Predictive Modeling. There is a simpler question and a more difficult question at play here. The simple question is: how many orders will there be each week? The harder question, which is the problem we tackled, is: who will order each week? Answering the harder question also provides a solution to the easier one.

We used Logistic Regression for our prediction. We chose this model because it provided more interpretable regression weights as well as more trustworthy probabilities than other models. This decision was key as it allowed us to explain to our partner what was driving the predictions.

The model outputs a probability of ordering for each customer and these are summed up to provide the expected number of orders for a given week. Our model outputs predictions for one, two, or three weeks out, and thus allows Fresh Prep to plan for ingredients, delivery drivers, and other factors accordingly.

The performance of the model is visualized in the following figure:

As the figure shows, our model seriously overestimated orders during Christmas and New Year’s! For the entire June 2018 to June 2019 time frame, our model has mean absolute percentage error (MAPE) of 4.6% on the total number of orders. If we concentrate on dates only in 2019, the more recent period where the model has more training data to work with, the error is just 1.5%. In other words: for a hypothetical week in which Fresh Prep expects 1000 orders, the error is around 15 orders.

Data Visualization. We developed an interactive Tableau dashboard to visualize the predictions. (All credit for building the dashboard goes to my teammate Hayley Boyce.) Below is a screenshot of the predictive pane of our dashboard (with fabricated data, to maintain confidentiality):

The dashboard’s user can drill down into various demographics (e.g. vegetarians), focus on various demographic areas, and see the client IDs of interesting subsets of customers.

What I learned

For me, the capstone project was the ideal opportunity to revisit many of the concepts taught in the program’s coursework. It is one thing to take courses in data science concepts such as wrangling, regression, supervised learning, or feature selection & engineering. It is a far more enlightening experience to actually apply these methods to real-world data for an actual organization. The capstone project solidified my understanding of these techniques, how to apply and interpret them, and how to choose which tools are the right ones for the problem at hand.

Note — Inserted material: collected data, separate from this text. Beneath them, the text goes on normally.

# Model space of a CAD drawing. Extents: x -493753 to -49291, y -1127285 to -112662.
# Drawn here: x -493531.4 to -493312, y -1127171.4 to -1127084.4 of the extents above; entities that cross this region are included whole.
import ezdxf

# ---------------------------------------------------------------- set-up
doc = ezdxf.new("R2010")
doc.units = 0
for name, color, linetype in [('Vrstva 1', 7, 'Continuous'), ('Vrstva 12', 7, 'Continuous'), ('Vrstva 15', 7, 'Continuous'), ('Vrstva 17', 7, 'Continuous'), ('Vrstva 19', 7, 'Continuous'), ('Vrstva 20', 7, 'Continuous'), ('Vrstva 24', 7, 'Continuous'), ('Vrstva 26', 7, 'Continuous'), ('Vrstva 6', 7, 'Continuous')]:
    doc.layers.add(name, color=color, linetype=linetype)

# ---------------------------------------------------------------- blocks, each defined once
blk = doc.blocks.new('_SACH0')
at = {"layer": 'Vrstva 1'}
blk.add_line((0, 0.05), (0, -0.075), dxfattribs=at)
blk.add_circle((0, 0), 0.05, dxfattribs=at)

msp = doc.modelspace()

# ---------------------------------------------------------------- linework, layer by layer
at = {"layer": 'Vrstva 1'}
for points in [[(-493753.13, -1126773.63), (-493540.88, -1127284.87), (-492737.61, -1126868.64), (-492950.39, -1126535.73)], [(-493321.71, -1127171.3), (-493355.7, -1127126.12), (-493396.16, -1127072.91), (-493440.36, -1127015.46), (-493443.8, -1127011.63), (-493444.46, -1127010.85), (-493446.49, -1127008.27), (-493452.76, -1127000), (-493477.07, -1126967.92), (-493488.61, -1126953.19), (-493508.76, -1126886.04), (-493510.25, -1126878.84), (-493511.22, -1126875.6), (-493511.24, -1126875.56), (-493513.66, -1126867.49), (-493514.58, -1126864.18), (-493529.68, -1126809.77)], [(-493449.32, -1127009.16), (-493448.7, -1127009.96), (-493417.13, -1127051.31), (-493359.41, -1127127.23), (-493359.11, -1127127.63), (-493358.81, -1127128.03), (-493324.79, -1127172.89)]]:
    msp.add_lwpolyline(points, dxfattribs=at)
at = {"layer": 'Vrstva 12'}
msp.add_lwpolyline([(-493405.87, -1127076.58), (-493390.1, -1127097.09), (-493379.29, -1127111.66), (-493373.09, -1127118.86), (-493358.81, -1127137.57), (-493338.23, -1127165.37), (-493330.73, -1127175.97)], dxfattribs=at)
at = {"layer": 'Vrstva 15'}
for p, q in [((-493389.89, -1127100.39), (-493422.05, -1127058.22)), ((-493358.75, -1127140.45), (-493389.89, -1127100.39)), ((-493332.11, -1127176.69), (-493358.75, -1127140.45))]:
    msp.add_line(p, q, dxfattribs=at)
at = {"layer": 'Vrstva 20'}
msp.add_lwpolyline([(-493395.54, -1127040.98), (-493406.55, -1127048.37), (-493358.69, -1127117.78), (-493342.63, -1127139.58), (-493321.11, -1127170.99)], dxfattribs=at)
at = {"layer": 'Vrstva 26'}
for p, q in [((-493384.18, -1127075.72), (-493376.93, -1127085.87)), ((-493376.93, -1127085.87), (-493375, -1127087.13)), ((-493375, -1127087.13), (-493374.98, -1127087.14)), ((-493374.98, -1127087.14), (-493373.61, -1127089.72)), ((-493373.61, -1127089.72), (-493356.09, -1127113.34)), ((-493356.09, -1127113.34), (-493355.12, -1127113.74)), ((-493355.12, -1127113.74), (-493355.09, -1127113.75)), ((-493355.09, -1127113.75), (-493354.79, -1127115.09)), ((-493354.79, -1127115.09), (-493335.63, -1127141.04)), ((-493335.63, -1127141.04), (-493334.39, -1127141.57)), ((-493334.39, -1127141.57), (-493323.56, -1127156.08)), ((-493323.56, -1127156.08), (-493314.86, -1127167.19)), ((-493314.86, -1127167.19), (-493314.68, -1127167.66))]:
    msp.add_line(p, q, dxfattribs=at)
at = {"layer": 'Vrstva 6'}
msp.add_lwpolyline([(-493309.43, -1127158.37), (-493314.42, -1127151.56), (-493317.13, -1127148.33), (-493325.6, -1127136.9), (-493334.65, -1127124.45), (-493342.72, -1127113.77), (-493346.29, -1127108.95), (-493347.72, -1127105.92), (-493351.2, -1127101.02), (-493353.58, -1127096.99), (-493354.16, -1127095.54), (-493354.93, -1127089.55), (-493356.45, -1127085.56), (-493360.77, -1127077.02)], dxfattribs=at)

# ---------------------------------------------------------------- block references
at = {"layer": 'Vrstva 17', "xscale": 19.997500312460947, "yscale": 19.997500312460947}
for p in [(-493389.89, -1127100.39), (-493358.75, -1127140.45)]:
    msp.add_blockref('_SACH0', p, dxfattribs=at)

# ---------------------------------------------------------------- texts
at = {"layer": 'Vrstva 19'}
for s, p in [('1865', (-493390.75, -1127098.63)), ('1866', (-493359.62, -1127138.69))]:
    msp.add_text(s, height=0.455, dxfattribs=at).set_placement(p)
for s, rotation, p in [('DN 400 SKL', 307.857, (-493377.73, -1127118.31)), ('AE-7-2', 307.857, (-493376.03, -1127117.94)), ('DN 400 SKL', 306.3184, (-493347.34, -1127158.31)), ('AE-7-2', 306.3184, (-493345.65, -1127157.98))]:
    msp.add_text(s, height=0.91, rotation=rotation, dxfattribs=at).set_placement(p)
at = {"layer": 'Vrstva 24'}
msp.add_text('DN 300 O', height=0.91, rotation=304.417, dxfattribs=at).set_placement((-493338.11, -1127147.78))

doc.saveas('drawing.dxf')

Throughout the 10-week project I found myself returning to lecture notes and lab work from various courses, solidifying my knowledge of what had been learned earlier, and applying it to authentic data. The pace of the program in its first 8 months is quite intense, and in some cases I hadn’t fully grasped some of the material. Capstone gave me the opportunity to return to these topics, and in a real-world applicable context, reinforce them tangibly. It demonstrated how the insights our team discovered might be used by the company. Lastly, the capstone experience made me feel on the whole much more confident in my skills as a data scientist. I found the experience to be genuinely rewarding and enjoyable.

Acknowledgements

I want to thank my team members, Hayley Boyce, Orphelia Ellogne, & Maninder Kohli; our partners from Fresh Prep, Joseph Goldes and Philip Nelson; and our faculty mentor, Mike Gelbart.